'''

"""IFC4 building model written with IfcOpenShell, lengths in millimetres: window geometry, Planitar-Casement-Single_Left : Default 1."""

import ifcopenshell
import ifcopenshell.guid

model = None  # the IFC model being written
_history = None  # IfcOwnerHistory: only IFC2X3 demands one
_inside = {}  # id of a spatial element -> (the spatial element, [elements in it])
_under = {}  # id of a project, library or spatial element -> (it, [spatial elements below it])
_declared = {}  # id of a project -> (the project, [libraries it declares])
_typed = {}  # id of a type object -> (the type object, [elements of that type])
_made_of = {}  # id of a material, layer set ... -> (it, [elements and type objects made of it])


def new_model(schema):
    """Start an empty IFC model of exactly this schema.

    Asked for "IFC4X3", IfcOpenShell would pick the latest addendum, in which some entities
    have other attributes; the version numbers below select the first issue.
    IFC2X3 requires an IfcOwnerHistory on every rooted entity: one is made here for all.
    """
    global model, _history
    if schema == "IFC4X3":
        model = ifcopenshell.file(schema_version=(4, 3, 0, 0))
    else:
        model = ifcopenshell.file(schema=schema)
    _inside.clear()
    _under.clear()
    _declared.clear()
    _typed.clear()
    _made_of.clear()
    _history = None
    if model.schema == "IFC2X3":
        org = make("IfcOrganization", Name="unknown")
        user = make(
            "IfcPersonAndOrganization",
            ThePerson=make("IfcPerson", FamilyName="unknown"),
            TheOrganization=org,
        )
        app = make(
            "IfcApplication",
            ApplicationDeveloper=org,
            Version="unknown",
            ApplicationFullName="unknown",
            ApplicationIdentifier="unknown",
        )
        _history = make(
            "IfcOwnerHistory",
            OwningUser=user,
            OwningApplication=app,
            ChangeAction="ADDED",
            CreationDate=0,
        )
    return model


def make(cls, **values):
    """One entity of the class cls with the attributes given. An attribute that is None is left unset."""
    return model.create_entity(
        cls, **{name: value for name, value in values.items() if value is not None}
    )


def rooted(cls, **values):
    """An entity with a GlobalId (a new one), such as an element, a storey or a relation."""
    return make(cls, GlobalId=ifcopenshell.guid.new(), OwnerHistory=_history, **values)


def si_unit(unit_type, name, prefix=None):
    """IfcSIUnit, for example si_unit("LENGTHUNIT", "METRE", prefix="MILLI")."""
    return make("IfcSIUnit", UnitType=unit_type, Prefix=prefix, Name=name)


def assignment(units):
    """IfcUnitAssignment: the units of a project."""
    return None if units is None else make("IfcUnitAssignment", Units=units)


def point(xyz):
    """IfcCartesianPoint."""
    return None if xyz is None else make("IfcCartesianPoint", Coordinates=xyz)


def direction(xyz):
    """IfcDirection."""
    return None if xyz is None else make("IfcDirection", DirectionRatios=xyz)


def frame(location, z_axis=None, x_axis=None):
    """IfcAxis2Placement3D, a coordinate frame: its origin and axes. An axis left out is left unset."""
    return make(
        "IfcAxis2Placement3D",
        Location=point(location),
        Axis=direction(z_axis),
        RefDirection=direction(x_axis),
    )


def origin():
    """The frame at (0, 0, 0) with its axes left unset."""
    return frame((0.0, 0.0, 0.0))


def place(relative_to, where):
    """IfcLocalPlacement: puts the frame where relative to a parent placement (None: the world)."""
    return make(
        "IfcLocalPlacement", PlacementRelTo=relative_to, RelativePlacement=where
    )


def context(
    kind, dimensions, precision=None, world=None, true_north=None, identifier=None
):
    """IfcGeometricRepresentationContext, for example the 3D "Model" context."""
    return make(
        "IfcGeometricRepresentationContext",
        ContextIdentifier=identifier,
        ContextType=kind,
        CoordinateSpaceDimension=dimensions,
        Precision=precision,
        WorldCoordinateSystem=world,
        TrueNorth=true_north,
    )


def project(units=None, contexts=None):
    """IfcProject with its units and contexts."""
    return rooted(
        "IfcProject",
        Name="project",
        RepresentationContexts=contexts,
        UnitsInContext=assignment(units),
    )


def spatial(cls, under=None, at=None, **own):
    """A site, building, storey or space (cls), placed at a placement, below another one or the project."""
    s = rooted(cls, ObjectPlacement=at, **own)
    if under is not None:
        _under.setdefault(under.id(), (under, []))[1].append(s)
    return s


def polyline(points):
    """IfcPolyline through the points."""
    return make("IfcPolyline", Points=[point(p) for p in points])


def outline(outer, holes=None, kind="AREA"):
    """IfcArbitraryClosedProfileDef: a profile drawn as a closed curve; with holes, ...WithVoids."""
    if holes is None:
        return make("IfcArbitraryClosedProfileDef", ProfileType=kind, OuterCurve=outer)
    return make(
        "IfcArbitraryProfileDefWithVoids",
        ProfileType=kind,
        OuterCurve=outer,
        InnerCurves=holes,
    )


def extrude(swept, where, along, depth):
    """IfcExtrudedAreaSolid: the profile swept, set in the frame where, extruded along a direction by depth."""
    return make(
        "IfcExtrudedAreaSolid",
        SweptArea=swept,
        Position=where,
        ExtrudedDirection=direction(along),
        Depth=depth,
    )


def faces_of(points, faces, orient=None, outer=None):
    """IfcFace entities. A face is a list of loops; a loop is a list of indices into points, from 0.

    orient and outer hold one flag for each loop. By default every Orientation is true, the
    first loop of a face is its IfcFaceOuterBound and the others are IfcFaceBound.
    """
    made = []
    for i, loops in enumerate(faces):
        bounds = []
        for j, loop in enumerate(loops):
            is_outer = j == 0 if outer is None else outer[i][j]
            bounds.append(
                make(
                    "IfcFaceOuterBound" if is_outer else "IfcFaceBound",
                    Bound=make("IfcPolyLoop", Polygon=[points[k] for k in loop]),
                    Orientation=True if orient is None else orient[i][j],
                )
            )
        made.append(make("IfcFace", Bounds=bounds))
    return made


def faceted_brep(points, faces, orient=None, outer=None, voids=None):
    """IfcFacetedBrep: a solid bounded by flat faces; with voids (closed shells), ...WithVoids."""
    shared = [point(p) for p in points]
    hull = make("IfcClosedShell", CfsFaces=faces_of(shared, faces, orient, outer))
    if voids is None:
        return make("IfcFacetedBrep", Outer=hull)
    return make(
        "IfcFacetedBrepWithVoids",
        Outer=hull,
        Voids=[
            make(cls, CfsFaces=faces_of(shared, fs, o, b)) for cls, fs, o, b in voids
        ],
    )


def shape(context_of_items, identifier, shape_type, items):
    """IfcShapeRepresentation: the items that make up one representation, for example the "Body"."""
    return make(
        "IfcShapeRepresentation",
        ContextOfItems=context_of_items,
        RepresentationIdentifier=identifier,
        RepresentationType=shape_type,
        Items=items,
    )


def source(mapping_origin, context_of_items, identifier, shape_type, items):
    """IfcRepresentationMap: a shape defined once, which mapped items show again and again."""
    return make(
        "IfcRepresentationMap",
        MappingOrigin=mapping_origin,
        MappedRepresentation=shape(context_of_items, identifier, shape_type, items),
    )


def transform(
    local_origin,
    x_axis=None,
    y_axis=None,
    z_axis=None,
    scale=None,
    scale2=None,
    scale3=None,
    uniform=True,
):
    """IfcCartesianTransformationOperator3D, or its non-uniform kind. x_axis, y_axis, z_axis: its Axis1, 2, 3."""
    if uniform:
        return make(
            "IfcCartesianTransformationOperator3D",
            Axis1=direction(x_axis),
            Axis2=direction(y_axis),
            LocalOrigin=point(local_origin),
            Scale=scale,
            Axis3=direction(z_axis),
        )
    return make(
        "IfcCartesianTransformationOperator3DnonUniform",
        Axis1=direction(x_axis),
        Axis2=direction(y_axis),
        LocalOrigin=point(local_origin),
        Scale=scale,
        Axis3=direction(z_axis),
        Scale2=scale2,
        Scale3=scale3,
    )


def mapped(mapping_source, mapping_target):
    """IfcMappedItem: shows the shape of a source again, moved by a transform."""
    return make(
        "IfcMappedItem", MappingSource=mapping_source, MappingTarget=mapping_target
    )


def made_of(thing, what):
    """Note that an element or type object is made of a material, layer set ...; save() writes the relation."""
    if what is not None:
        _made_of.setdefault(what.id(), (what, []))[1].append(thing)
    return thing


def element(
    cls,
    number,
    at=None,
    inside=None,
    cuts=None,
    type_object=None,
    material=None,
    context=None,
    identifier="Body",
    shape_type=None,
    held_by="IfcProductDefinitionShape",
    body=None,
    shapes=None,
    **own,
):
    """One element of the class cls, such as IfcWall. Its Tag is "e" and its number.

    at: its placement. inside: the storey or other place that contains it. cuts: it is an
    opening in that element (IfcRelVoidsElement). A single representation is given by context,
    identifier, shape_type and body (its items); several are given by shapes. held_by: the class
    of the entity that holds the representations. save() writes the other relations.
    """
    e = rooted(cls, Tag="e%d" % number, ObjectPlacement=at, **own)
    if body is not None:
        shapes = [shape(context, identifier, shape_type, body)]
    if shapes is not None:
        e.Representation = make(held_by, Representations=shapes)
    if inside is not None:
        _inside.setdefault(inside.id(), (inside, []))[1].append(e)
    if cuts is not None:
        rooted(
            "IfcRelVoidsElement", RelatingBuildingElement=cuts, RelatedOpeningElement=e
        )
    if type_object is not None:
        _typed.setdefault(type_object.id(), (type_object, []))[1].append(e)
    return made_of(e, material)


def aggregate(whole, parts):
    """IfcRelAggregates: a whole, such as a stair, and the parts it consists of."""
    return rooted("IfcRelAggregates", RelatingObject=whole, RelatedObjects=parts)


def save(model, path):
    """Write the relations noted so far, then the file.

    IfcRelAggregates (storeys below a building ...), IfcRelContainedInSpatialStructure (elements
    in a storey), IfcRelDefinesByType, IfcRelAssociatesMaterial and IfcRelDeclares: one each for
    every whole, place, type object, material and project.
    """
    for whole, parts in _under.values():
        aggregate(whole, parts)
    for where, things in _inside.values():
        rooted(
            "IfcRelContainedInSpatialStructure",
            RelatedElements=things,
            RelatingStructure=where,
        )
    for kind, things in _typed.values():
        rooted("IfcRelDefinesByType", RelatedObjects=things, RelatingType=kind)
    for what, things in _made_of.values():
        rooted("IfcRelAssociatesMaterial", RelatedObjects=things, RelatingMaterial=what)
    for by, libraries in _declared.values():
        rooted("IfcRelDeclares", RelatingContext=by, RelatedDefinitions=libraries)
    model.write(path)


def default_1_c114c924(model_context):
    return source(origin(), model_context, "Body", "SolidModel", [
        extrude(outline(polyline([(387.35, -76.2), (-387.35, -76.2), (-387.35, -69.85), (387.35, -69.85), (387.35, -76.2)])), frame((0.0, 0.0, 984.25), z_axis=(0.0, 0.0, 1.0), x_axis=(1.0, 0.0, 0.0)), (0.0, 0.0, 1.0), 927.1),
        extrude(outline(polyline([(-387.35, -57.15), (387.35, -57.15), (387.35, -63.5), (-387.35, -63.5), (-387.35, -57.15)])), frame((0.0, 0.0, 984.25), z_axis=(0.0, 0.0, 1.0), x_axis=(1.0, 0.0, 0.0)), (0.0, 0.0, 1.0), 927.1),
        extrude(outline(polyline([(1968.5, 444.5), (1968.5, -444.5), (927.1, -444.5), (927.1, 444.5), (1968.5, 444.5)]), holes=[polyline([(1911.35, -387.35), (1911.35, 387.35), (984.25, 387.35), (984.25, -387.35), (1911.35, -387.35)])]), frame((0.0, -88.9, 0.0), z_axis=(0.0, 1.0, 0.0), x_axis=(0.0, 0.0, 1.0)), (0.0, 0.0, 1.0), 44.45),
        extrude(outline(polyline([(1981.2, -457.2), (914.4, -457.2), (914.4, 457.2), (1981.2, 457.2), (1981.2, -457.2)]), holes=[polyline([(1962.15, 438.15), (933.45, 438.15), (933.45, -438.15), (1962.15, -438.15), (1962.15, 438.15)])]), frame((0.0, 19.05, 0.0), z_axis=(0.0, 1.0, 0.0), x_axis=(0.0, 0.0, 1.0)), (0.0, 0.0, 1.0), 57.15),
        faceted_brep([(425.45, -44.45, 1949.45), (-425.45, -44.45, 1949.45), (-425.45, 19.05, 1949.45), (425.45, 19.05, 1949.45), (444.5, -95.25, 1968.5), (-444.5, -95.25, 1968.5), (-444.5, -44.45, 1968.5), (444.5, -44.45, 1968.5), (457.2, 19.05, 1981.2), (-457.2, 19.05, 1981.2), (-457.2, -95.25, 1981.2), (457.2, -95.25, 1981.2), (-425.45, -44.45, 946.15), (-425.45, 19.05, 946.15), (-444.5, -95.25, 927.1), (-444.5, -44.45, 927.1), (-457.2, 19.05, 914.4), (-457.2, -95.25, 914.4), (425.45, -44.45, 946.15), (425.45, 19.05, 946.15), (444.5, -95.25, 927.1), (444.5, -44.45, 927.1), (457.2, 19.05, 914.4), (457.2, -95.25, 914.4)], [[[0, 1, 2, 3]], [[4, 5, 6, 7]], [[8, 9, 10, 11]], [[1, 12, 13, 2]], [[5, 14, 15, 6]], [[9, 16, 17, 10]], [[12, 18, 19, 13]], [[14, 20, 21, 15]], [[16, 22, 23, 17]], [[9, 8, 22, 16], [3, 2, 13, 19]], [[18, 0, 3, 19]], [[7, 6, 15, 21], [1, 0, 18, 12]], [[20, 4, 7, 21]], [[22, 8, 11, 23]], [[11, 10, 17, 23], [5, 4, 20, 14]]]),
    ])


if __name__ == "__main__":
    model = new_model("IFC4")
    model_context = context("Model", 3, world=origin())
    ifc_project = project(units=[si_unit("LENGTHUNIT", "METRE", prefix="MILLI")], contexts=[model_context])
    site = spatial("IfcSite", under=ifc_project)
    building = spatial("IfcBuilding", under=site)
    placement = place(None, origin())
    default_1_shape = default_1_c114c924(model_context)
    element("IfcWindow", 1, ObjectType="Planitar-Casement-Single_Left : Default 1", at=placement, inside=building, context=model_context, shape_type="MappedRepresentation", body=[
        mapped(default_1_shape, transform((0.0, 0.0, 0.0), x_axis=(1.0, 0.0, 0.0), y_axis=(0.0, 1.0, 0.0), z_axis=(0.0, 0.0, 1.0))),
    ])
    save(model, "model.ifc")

'''

TASK PROMPT:
Scan the listing for the word "precision". Copy every line in which it appears.

YOUR RESPONSE:
    kind, dimensions, precision=None, world=None, true_north=None, identifier=None
        Precision=precision,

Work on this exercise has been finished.